Our target is to achieve both low-cost and high-quality requirements for developing hardware and software for realizing telepresence. In our audio research group, we keep the low-cost by proposing a novel “zero-aperture” acoustic-vector-sensor microphone array shown in the Figure below.

The array has three orthogonally mounted pressure gradient microphones X, Y and Z, having figure-eight patterns with their directions of maximum response oriented in the X, Y, and Z axes, and one omnidirectional acoustic pressure microphone O for detecting sounds from all directions with equal magnitude. All the microphones are standard hearing-aid microphones that have useful directivity between 100 Hz and 20 kHz covering most sound sources. Each microphone measures only a few millimetres across, and is placed about a centimetre apart from the others. We name it XYZO array in our project. Whereas state-of-art techniques use large microphone arrays for immersive telepresence, we use the miniature XYZO microphone array for the purpose. Our initial results show good performance of the XYZO array on 2D and 3D direction finding and binaural 3D audio reconstruction. Our vision is to research the techniques of applying the XZYO array for realistic 3D audio in immersive telepresence. Our research work is described as follows.  

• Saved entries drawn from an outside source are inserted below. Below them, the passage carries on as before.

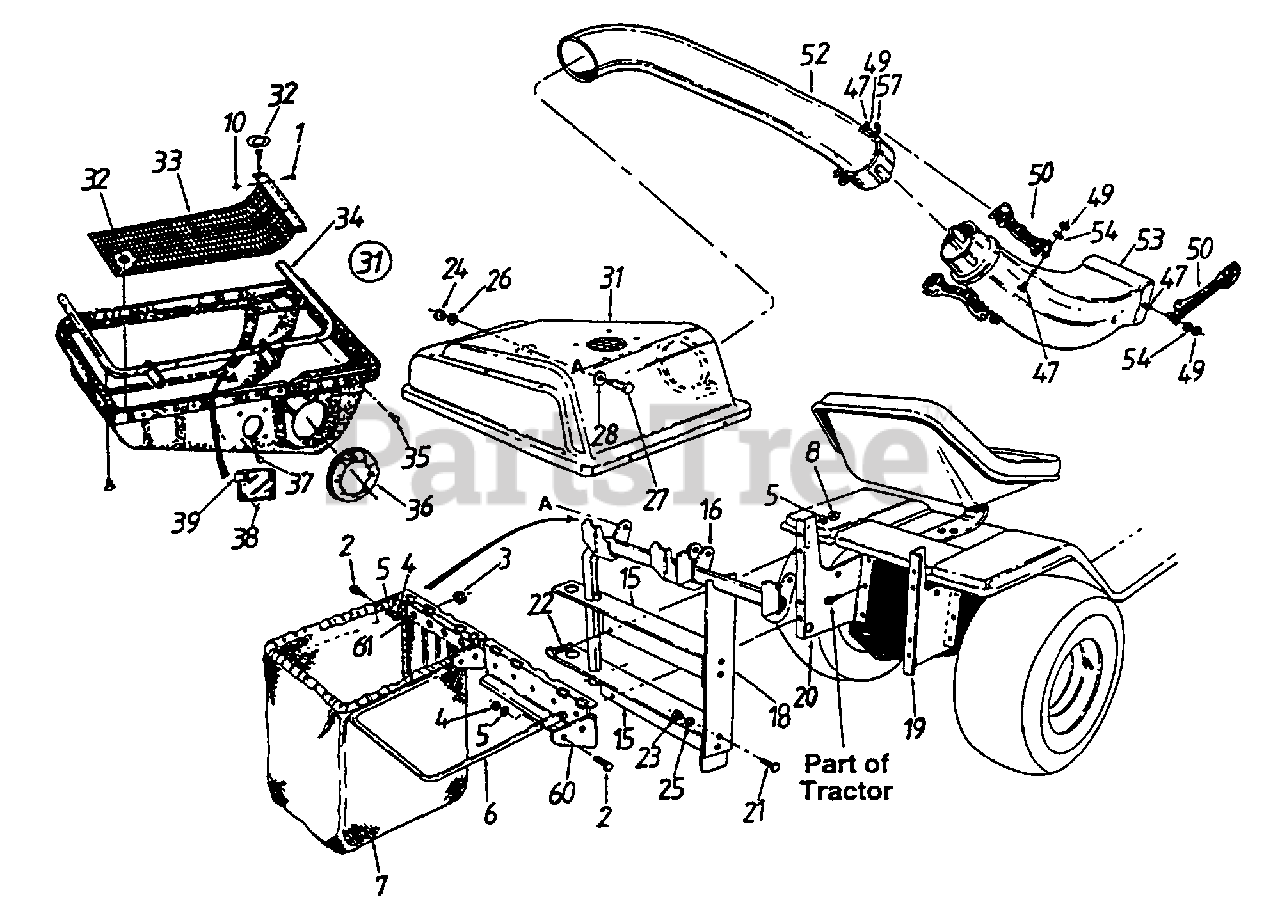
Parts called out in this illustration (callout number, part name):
1	Pop Rivet .188 Dia.
2	Hex Bolt 1/4-28 x .88"
3	Hex Sems Nut #10-24 Thd.
4	Hex Nut 1/4-28 Thd.
5	L-Wash. 1/4" I.D.
7	Grass Catcher Bag
8	Hex Nut 1/4-20 Thd.
10	Flat Wash. 1/4" I.D.
22	Hex Bolt 1/4-20 x.62" Lg.- Grade 5
23	Hex Nut 5/16-18 Thd.
24	Hex Nut 3/8-16 Thd.
25	L-Wash. 5/16" I.D.
26	L-Wash. 3/8" I.D.
27	Shld. Bolt 3/8-16 x .50" Dia.
28	Bell-Wash .505" I.D. x 1.0" O.D.
31	Grass Catcher Cover Ass'y.
32	Twist Fastener
35	Hex AB-Tap Scr. 1/4 x .62"
36	Seal - 7"
37	Truss B-Tap Scr. #10 x .5" Lg.
38	Plastic Plate
39	Speed Nut
47	Hex Bolt 1/4-20 x .625"
49	Hex Ins. L-Nut 1/4-20 Thd.
50	Retainer Strap Ass'y.
52	Catcher Tube
53	Discharge Chute
54	L-Wash .27" I.D.
57	Retainer Hook Brkt.
61	Truss Mach. Scr. #10-24 x .5"

Real-time multiple acoustic sources 3D direction finding

In many cases, there is usually more than one participant who is speaking during a multi-precipitant conference. To identify each direction of participant, we are exploring the sparseness of the time-frequency acoustic sources and the non-stationary characteristics of the acoustic sources. Based on the coherence test, the sparse time-frequency bins of the acoustic sources will be identified. Each direction of acoustic sources can be estimated from its corresponding sparse time-frequency bins. The challenges are to correctly find out the sparse time-frequency bins, to determine how the sparseness is good enough for accurate estimation, and to increase the resolution of direction that can be correctly distinguished under noise and reverberation conditions. Currently, most of the reliable results can only be obtained from very constrained conditions like low noise and short reverberation. However, in practice the noises from ambience are usually high and in an enclosed room the reverberation time due to reflections is also very long, which significantly degrades the performance of direction finding systems. We investigate the onset-based direction finding methods using the direct-path data of acoustic sources.

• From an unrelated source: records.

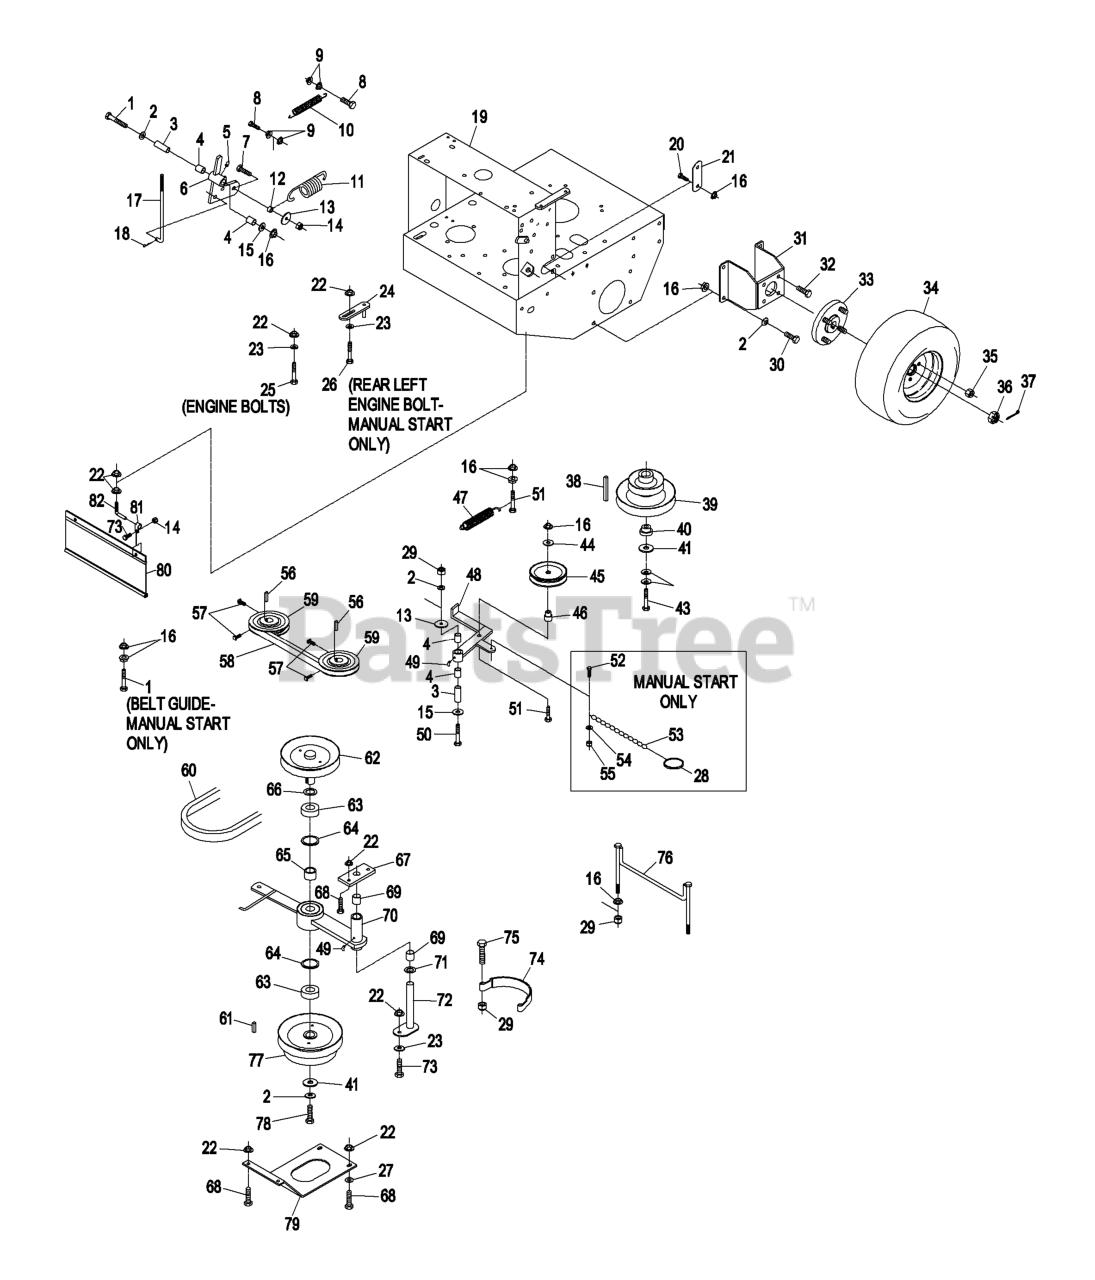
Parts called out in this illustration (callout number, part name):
1	SCREW-HH
2	WASHER-BELLEVILLE
3	BUSHING
4	SLEEVE-BEARING
5	FITTING-GREASE
7	SCREW-HH
8	SCREW-HH
10	SPRING,EXTENSION
11	SPRING,BELT TENSION
12	SPACER,CLUTCH ANCHOR
14	NUT-LOCK, NI
15	WASHER-FLAT
16	NUT-HHF, WHIZ
17	LINKAGE,LOWER
18	PIN-COTTER
20	SCREW-HH
21	ARM-LIFT, DECK
23	WASHER-SPRING
24	GUIDE-BELT
25	SCREW-HH
26	SCREW-HH
27	WASHER-FLAT
28	RING-SPLIT
29	NUT-LOCK, NI
30	SCREW-HH
31	WLD,MOTOR MOUNT 36
32	SCREW-HHF
34	WHEEL AND TIRE ASM
35	NUT-LUG
36	NUT-HEX, SLOTTED
37	PIN-COTTER
38	KEY,MACH 1/4X1/4X2-5/8
39	SHEAVE,DRIVE
40	BUSHING,CLUTCH KEEPER
42	WASHER-SPRING
43	SCREW-HH
44	WASHER-FLAT
46	BUSHING-IDLER
47	SPRING-EXTENSION
48	Idler Arm Weldmt
49	FITTING-GREASE
50	SCREW-HH
51	SCREW-HH
52	SCREW-HSH
53	CHAIN-LINK, TWIST
54	WASHER-FLAT
55	NUT-LOCK, NI
57	SCREW-SET
59	SHEAVE ASM
60	BELT,BLADE CLUTCH
62	SHEAVE,6.13 W/SHAFT
63	BEARING,CLUTCH SHAFT
64	RING-SNAP
65	SPACER,CLUTCH BEARING
66	WASHER-SPACER
67	PLATE-CLUTCH PIVOT
68	SCREW-HH
69	SLEEVE,BEARING
70	Arm Weldmt, Clutch
71	WASHER-SPACER
72	WLD,PIN PIVOT
73	SCREW-HH
74	BAND,BRAKE BLADE
75	SCREW-HH
76	GUIDE - BELT
77	SHEAVE,6.13 W/HUB
78	SCRW,CAP HH
79	PLATE-GUARD
81	CLIP-LOOM
82	MOUNT,DRAG SHIELD

Real-time directional voice acquisition

For effective communicate in a telepresence, a clean voice acquisition is very important especially with interference and noise around the environment. A typical one-microphone approach is usually lack of the capability for effectively reducing such environmental interference and noise. In the case of audio playback by loudspeakers, the echo problem due to the acoustic coupling between microphone and loudspeaker has to be concerned. To resolve the above problems, the microphone array has been widely adopted for enhancing the clean voice acquisition based on adaptive beamforming and post-filtering techniques. However, the existing microphone array approaches are usually based on a largely spaced array size, which has limitations on portable usage and low-cost devices. Our project explores the microphone array techniques for forming ‘directional beams’ to capture the target voices based on the miniature XYZO microphone array. We investigate the achievable performance of our approach under interference, background noise, echo, and reverberation conditions.

Real-time 3D audio capture and reproduction

In the telepresence, one of the most useful effects is to give listeners a good sound image localization of the remote participant. By incorporating spatial sound, we expect that the efficiency of meetings will be increased because of the improved speaker identification and speech intelligibility. The spatial sound could be realized by either reconstructing the entire sound field for a particular environment or reconstructing the desired sound field in the vicinity of each ear. Our research investigates the 3D audio capture and reproduction based on the XYZO microphone array. The playback system can be both a stereo headphone and a group of directional loudspeakers. The challenge is to improve the users’ spatial hearing perception and to solve the in-head sound problem and front-back confusion with limited measurements.


Our audio research group is currently working together with the video and FPGA/GPU groups for integrating and implementing a realistic real-time audio-video telepresence.